Activity
Each line that contains the word "source" is to be copied from the records below.

Stored entries:
Content starts

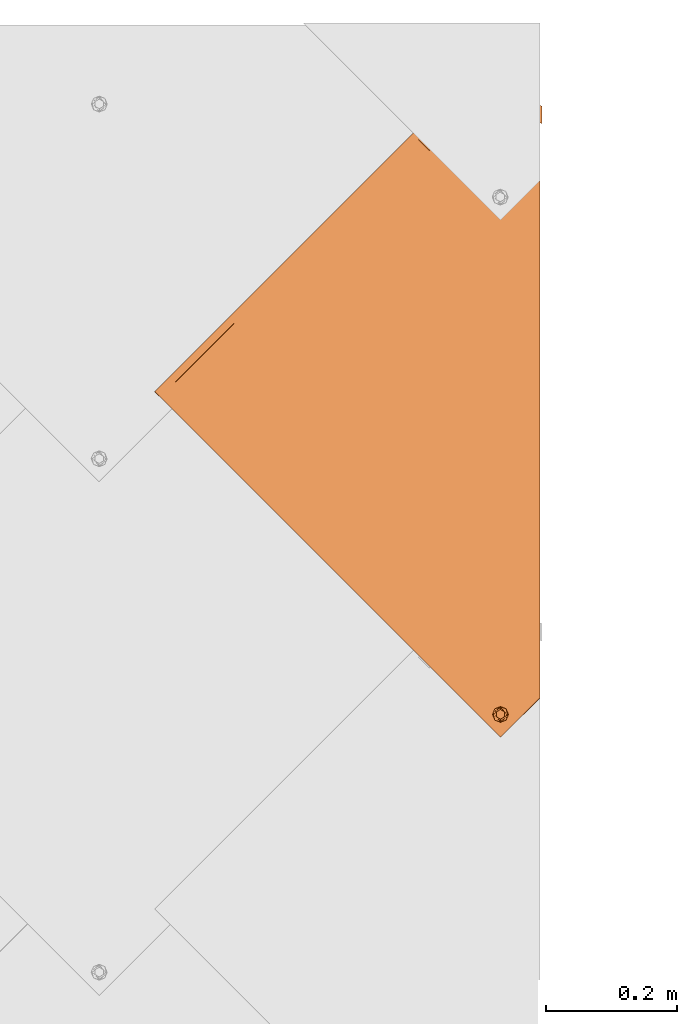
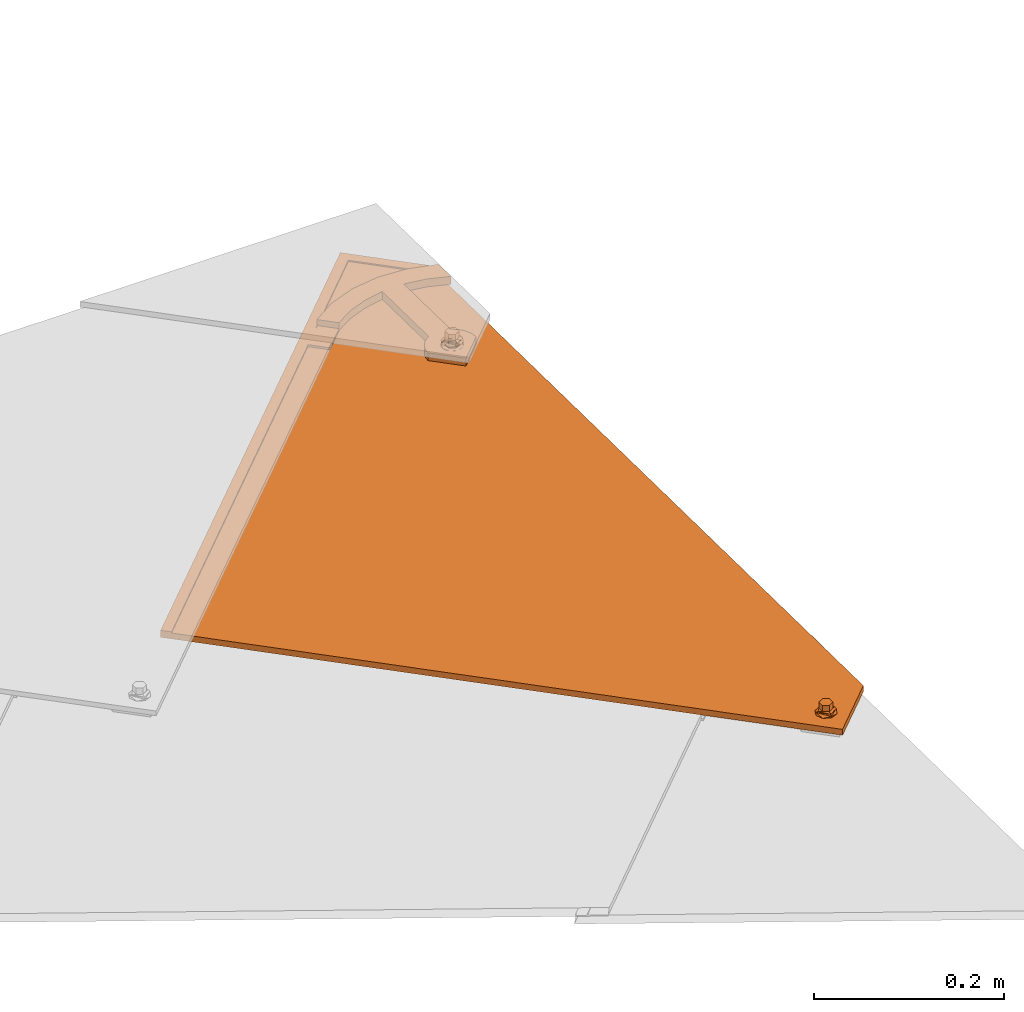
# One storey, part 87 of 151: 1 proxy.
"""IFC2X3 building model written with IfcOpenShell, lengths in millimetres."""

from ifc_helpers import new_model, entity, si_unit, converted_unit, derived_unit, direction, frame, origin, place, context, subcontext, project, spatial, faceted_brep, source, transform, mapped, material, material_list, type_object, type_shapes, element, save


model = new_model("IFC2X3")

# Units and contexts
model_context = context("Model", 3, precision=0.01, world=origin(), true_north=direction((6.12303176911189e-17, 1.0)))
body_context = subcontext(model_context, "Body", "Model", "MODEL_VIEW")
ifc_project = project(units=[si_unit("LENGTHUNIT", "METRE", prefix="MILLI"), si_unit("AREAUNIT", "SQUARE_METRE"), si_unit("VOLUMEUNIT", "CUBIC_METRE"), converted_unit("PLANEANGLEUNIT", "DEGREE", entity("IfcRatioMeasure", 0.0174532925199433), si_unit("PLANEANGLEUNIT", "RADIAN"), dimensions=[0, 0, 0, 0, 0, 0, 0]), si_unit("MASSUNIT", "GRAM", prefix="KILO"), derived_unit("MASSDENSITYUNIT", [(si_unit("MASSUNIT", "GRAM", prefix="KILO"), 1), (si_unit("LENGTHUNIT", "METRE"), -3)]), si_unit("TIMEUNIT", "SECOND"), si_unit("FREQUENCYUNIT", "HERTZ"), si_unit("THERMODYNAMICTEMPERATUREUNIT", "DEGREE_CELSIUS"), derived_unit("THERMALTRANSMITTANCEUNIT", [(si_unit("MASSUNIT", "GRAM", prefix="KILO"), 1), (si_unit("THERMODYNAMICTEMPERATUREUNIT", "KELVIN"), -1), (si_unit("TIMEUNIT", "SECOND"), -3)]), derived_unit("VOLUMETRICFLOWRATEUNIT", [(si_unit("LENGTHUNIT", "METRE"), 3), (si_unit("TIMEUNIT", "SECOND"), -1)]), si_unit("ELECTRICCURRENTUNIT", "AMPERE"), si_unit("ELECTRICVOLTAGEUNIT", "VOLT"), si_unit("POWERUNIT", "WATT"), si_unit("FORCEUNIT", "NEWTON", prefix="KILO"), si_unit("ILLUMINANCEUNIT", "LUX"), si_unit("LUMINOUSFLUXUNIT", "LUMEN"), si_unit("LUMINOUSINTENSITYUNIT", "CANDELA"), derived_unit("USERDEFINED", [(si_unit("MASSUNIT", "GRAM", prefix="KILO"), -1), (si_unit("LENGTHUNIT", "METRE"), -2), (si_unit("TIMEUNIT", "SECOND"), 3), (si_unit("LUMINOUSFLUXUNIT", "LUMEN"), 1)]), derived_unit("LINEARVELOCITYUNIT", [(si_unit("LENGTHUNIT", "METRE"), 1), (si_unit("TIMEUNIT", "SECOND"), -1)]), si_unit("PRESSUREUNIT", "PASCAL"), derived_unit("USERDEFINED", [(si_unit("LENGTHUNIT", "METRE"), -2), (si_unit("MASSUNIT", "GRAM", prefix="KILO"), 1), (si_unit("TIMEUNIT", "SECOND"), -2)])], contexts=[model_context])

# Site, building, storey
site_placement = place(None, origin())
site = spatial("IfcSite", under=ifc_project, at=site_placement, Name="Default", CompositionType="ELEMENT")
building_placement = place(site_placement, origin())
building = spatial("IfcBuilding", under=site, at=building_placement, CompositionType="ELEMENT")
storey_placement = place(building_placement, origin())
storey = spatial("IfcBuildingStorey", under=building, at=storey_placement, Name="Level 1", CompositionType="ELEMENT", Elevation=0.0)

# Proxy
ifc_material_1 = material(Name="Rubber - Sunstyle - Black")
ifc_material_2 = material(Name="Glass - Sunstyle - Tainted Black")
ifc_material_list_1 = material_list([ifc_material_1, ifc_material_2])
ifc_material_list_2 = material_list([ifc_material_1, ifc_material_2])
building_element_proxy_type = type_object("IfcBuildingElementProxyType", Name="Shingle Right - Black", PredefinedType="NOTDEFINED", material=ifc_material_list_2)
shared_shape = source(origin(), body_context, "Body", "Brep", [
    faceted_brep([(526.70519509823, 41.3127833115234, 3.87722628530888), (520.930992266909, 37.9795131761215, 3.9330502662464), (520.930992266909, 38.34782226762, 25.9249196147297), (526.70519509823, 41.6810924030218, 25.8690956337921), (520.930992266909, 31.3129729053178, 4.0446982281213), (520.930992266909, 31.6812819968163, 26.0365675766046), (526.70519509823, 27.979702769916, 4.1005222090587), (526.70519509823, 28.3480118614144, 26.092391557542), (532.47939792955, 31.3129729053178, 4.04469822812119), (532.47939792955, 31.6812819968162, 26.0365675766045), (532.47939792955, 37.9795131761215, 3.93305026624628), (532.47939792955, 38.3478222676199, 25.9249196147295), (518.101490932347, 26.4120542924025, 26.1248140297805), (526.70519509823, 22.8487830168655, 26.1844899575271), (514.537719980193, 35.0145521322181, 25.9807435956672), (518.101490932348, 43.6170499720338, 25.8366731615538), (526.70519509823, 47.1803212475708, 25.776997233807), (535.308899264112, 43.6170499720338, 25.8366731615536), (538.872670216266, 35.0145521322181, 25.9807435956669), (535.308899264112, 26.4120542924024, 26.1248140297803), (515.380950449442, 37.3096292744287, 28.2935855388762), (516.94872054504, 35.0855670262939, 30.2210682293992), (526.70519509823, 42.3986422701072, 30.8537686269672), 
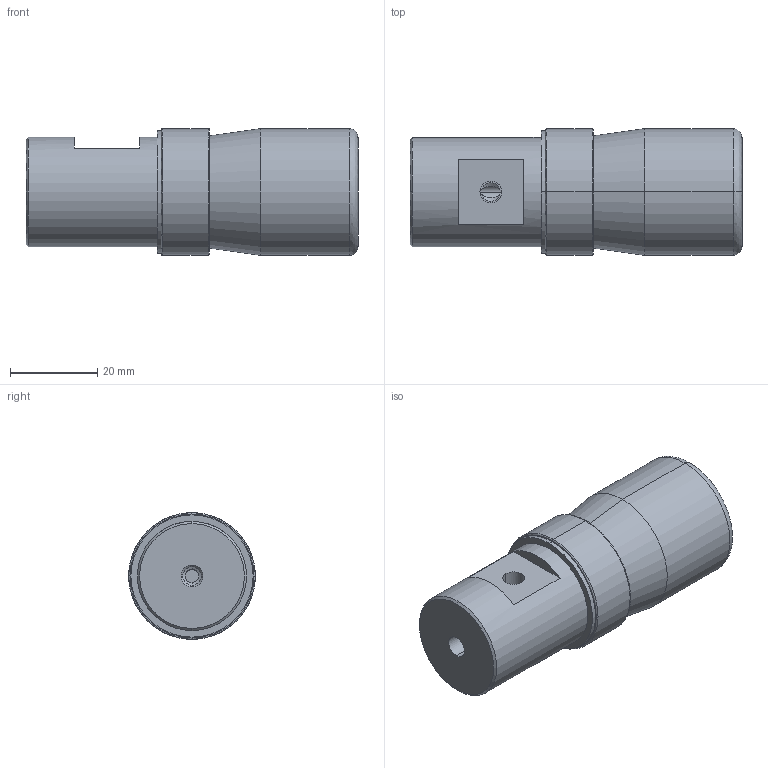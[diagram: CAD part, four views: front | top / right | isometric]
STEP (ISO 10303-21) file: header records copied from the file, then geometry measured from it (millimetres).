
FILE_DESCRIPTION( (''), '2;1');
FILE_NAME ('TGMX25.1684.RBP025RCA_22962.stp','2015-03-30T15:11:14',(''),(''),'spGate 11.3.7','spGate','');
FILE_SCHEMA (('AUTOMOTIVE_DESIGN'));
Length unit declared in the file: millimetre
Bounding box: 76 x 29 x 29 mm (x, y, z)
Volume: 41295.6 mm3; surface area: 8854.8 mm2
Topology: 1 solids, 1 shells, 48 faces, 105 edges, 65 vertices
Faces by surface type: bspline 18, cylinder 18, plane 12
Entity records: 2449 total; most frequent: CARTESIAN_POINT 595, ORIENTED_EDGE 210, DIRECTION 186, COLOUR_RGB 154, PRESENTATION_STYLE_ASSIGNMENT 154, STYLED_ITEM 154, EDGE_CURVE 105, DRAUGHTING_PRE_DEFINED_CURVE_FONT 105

Content ends

The completed task
from ifc_helpers import new_model, entity, si_unit, converted_unit, derived_unit, direction, frame, origin, place, context, subcontext, project, spatial, faceted_brep, source, transform, mapped, material, material_list, type_object, type_shapes, element, save
shared_shape = source(origin(), body_context, "Body", "Brep", [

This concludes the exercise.